While reading the platinum refining instructions, he mentions a 'casserole' ... could a crock pot be used instead? I think i would have a hard time finding a ceramic anything nowadays...


----------



## Irons (Apr 24, 2008)

C'mon, improvise.


----------



## Harold_V (Apr 24, 2008)

Casserole.

Somewhat different from the type container with which you may be familiar. 

I had them in several sizes, and found them to be very useful. Same thing with evaporating dishes. I used proper labware almost exclusively when I refined, wanting to project an image of professionalism for my customers, who were welcome to see my operation to instill a sense of trust in them. 

If you're not clear on what a casserole is, it's not a covered pot/pan, but a round ceramic pot with a single handle, for lack of better description. The largest one I had was used to dry gold after it had been poured to shot. To this day I regret not having taken a picture when I re-refined the largest combined number of batches ever, yielding just over 400 troy ounces. 

You likely understand I didn't trust the handle to hold the load! 

Holding the casserole (after it had cooled from the drying process) is one of my post treasured moments.

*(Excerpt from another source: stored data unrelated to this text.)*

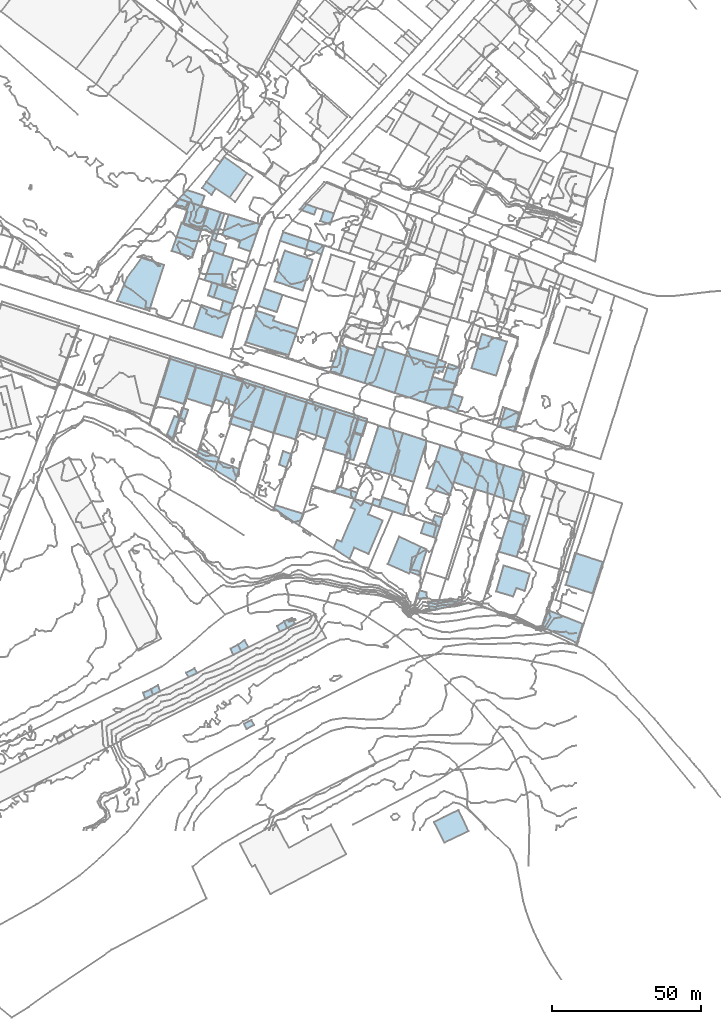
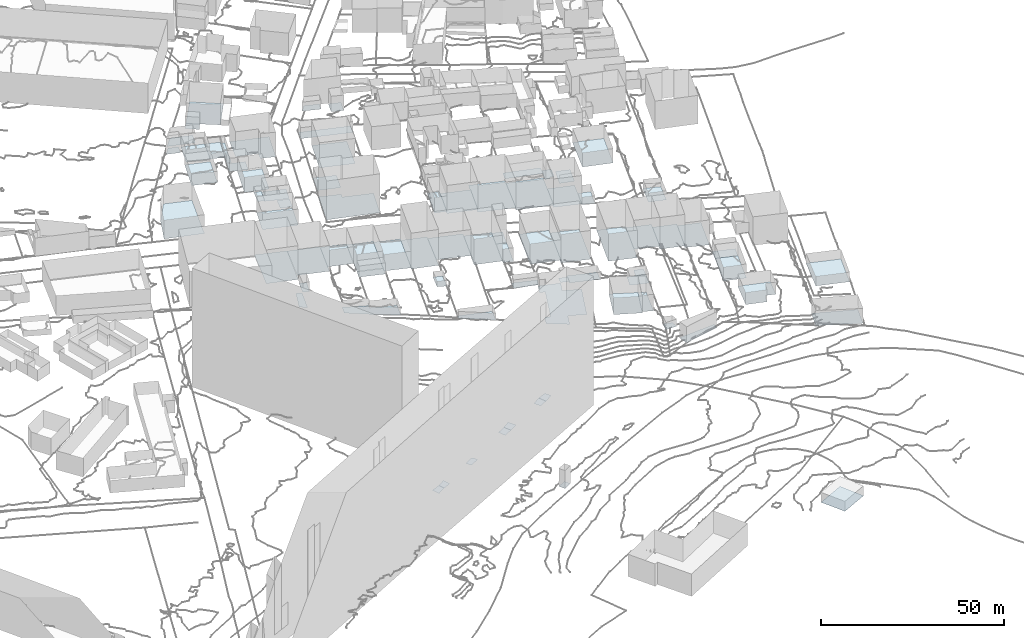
# Not in any storey, part 6 of 419: 79 footings.
"""IFC2X3 model written with IfcOpenShell, lengths in metres."""

from ifc_helpers import new_model, si_unit, frame, origin_with_axes, place, context, subcontext, project, faceted_brep, element, save


model = new_model("IFC2X3")

# Units and contexts
model_context = context("Model", 3, precision=1e-05, world=origin_with_axes())
body_context = subcontext(model_context, "Body", "Model", "MODEL_VIEW")
ifc_project = project(units=[si_unit("AREAUNIT", "SQUARE_METRE"), si_unit("LENGTHUNIT", "METRE")], contexts=[model_context])

# Footings
footing_1_placement = place(None, frame((922.9920204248, 76.0976909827, 71.5996003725), z_axis=(0.0, 0.0, 1.0), x_axis=(1.0, 0.0, 0.0)))
element("IfcFooting", 1, at=footing_1_placement, Name="Sol 0", PredefinedType="STRIP_FOOTING", context=body_context, shape_type="Brep", body=[
    faceted_brep([(3.4, 0.0, 0.0), (0.0, 0.0, 0.0), (0.7999999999, 2.7999999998, 0.0), (3.2, 2.0999999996, 0.0)], [[[0, 1, 2]], [[2, 3, 0]]]),
])
footing_2_placement = place(None, frame((928.6920204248, 152.1976909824, 73.6711987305), z_axis=(0.0, 0.0, 1.0), x_axis=(1.0, 0.0, 0.0)))
element("IfcFooting", 2, at=footing_2_placement, Name="Sol 0", PredefinedType="STRIP_FOOTING", context=body_context, shape_type="Brep", body=[
    faceted_brep([(1.5, -0.3999999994, 0.0), (0.0, 0.0, 0.0), (0.9, 2.5, 0.0), (4.0, 3.2999999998, 0.0), (2.9, 0.0, 0.0), (1.7000000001, 0.2999999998, 0.0), (1.3, 4.2000000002, 0.0)], [[[0, 1, 2]], [[3, 4, 5]], [[2, 6, 3]], [[5, 0, 2]], [[2, 3, 5]]]),
])
footing_3_placement = place(None, frame((841.2920204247, 207.9976909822, 78.8006016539), z_axis=(0.0, 0.0, 1.0), x_axis=(1.0, 0.0, 0.0)))
element("IfcFooting", 3, at=footing_3_placement, Name="Sol 0", PredefinedType="STRIP_FOOTING", context=body_context, shape_type="Brep", body=[
    faceted_brep([(1.9, 2.3000000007, 0.0), (4.7000000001, 1.4000000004, 0.0), (3.8, -1.1999999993, 0.0), (0.0, 0.0, 0.0)], [[[0, 1, 2]], [[2, 3, 0]]]),
])
footing_4_placement = place(None, frame((876.9920204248, 196.2976909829, 78.6641006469), z_axis=(0.0, 0.0, 1.0), x_axis=(1.0, 0.0, 0.0)))
element("IfcFooting", 4, at=footing_4_placement, Name="Sol 0", PredefinedType="STRIP_FOOTING", context=body_context, shape_type="Brep", body=[
    faceted_brep([(13.9, -4.6000000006, 0.0), (0.0, 0.0, 0.0), (1.0, 2.8999999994, 0.0), (14.9, -1.6000000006, 0.0)], [[[0, 1, 2]], [[2, 3, 0]]]),
])
footing_5_placement = place(None, frame((844.2920204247, 202.2976909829, 78.6877996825), z_axis=(0.0, 0.0, 1.0), x_axis=(1.0, 0.0, 0.0)))
element("IfcFooting", 5, at=footing_5_placement, Name="Sol 0", PredefinedType="STRIP_FOOTING", context=body_context, shape_type="Brep", body=[
    faceted_brep([(2.3, 6.8999999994, 0.0), (8.7000000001, 4.8999999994, 0.0), (6.4, -2.1000000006, 0.0), (0.0, 0.0, 0.0)], [[[0, 1, 2]], [[2, 3, 0]]]),
])
footing_6_placement = place(None, frame((852.7920204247, 193.2976909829, 77.9876005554), z_axis=(0.0, 0.0, 1.0), x_axis=(1.0, 0.0, 0.0)))
element("IfcFooting", 6, at=footing_6_placement, Name="Sol 0", PredefinedType="STRIP_FOOTING", context=body_context, shape_type="Brep", body=[
    faceted_brep([(0.0, 0.0, 0.0), (1.2000000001, 3.5999999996, 0.0), (2.4, 3.0999999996, 0.0), (6.1000000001, 1.8999999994, 0.0), (4.9, -1.8000000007, 0.0)], [[[0, 1, 2]], [[3, 4, 0]], [[0, 2, 3]]]),
])
footing_7_placement = place(None, frame((890.4920204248, 202.9976909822, 78.856399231), z_axis=(0.0, 0.0, 1.0), x_axis=(1.0, 0.0, 0.0)))
element("IfcFooting", 7, at=footing_7_placement, Name="Sol 0", PredefinedType="STRIP_FOOTING", context=body_context, shape_type="Brep", body=[
    faceted_brep([(0.0, 0.0, 0.0), (1.2, 3.6000000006, 0.0), (4.6, 2.5, 0.0), (3.2999999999, -1.1999999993, 0.0)], [[[0, 1, 2]], [[2, 3, 0]]]),
])
footing_8_placement = place(None, frame((852.1920204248, 216.0976909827, 80.4232022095), z_axis=(0.0, 0.0, 1.0), x_axis=(1.0, 0.0, 0.0)))
element("IfcFooting", 8, at=footing_8_placement, Name="Sol 0", PredefinedType="STRIP_FOOTING", context=body_context, shape_type="Brep", body=[
    faceted_brep([(0.0, 0.0, 0.0), (6.0, 8.3999999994, 0.0), (13.6, 3.0, 0.0), (7.8, -5.2999999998, 0.0)], [[[0, 1, 2]], [[2, 3, 0]]]),
])
footing_9_placement = place(None, frame((845.3920204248, 143.3976909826, 76.161000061), z_axis=(0.0, 0.0, 1.0), x_axis=(1.0, 0.0, 0.0)))
element("IfcFooting", 9, at=footing_9_placement, Name="Sol 0", PredefinedType="STRIP_FOOTING", context=body_context, shape_type="Brep", body=[
    faceted_brep([(12.2, 8.7000000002, 0.0), (8.6, -2.7000000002, 0.0), (0.0, 0.0, 0.0), (3.3999999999, 11.4000000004, 0.0)], [[[0, 1, 2]], [[2, 3, 0]]]),
])
footing_10_placement = place(None, frame((864.8920204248, 34.0976909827, 65.1509995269), z_axis=(0.0, 0.0, 1.0), x_axis=(1.0, 0.0, 0.0)))
element("IfcFooting", 10, at=footing_10_placement, Name="Sol 0", PredefinedType="STRIP_FOOTING", context=body_context, shape_type="Brep", body=[
    faceted_brep([(2.5, 1.2000000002, 0.0), (3.3999999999, -0.4000000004, 0.0), (0.8999999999, -1.7999999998, 0.0), (0.0, 0.0, 0.0)], [[[0, 1, 2]], [[2, 3, 0]]]),
])
footing_11_placement = place(None, frame((850.6920204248, 200.1976909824, 78.6877996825), z_axis=(0.0, 0.0, 1.0), x_axis=(1.0, 0.0, 0.0)))
element("IfcFooting", 11, at=footing_11_placement, Name="Sol 0", PredefinedType="STRIP_FOOTING", context=body_context, shape_type="Brep", body=[
    faceted_brep([(2.3, 7.0, 0.0), (6.4, 5.6000000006, 0.0), (3.9, -1.2999999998, 0.0), (0.0, 0.0, 0.0)], [[[0, 1, 2]], [[2, 3, 0]]]),
])
footing_12_placement = place(None, frame((926.2920204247, 113.2976909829, 70.8120025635), z_axis=(0.0, 0.0, 1.0), x_axis=(1.0, 0.0, 0.0)))
element("IfcFooting", 12, at=footing_12_placement, Name="Sol 0", PredefinedType="STRIP_FOOTING", context=body_context, shape_type="Brep", body=[
    faceted_brep([(4.6000000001, 14.3999999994, 0.0), (12.3, 11.8999999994, 0.0), (7.7000000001, -2.5, 0.0), (0.0, 0.0, 0.0)], [[[0, 1, 2]], [[2, 3, 0]]]),
])
footing_13_placement = place(None, frame((941.2920204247, 153.4976909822, 72.6200027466), z_axis=(0.0, 0.0, 1.0), x_axis=(1.0, 0.0, 0.0)))
element("IfcFooting", 13, at=footing_13_placement, Name="Sol 0", PredefinedType="STRIP_FOOTING", context=body_context, shape_type="Brep", body=[
    faceted_brep([(11.9, 8.9000000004, 0.0), (8.3, -2.5, 0.0), (0.0, 0.0, 0.0), (3.5, 11.5, 0.0)], [[[0, 1, 2]], [[2, 3, 0]]]),
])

Gold is never more beautiful than when it is contained in a vessel, with light reflecting of off the multitude of faces, particularly when there is no oxide coat, as was the case. Imagine the beauty of the picture below, but with far more metal involved. 

Still brings a tear to my eye! :wink: 

Harold


----------



## goldsilverpro (Apr 24, 2008)

Here's what Ms. Hoke meant. I once owned about 30 of them, all Coors. The largest was 2000 mL.

http://www.colonialscientific.com/OScatalog/index.php?cPath=75695_83320_83323_89295


----------



## lazersteve (Apr 24, 2008)

I own a 500 mL one made by Coors. I really like it for dissolving. The handle and spout make pouring easy.

I believe you can see it in my HCl-Cl videos.

Steve


----------



## Anonymous (May 17, 2008)

I know this may sound crazy but why couldn't you use a Pyrex cassarole dish instead of ceramic ?


----------



## Harold_V (May 17, 2008)

brav01 said:


> I know this may sound crazy but why couldn't you use a Pyrex cassarole dish instead of ceramic ?


Because they have nothing in common aside from being able to tolerate being heated, and sharing the same title. 

A casserole for the chem lab has a long handle, and a pouring spout. A casserole for the kitchen tends to be a baking type dish, for lack of better description. It will be fitted with a lid, while a casserole for the lab is not. If you want it covered, a watch glass is used. 

I don't see a kitchen type casserole being of much use in gold refining, although YMMV. I'm sure others have found a use for them. I used only labware when I refined. 

Harold


----------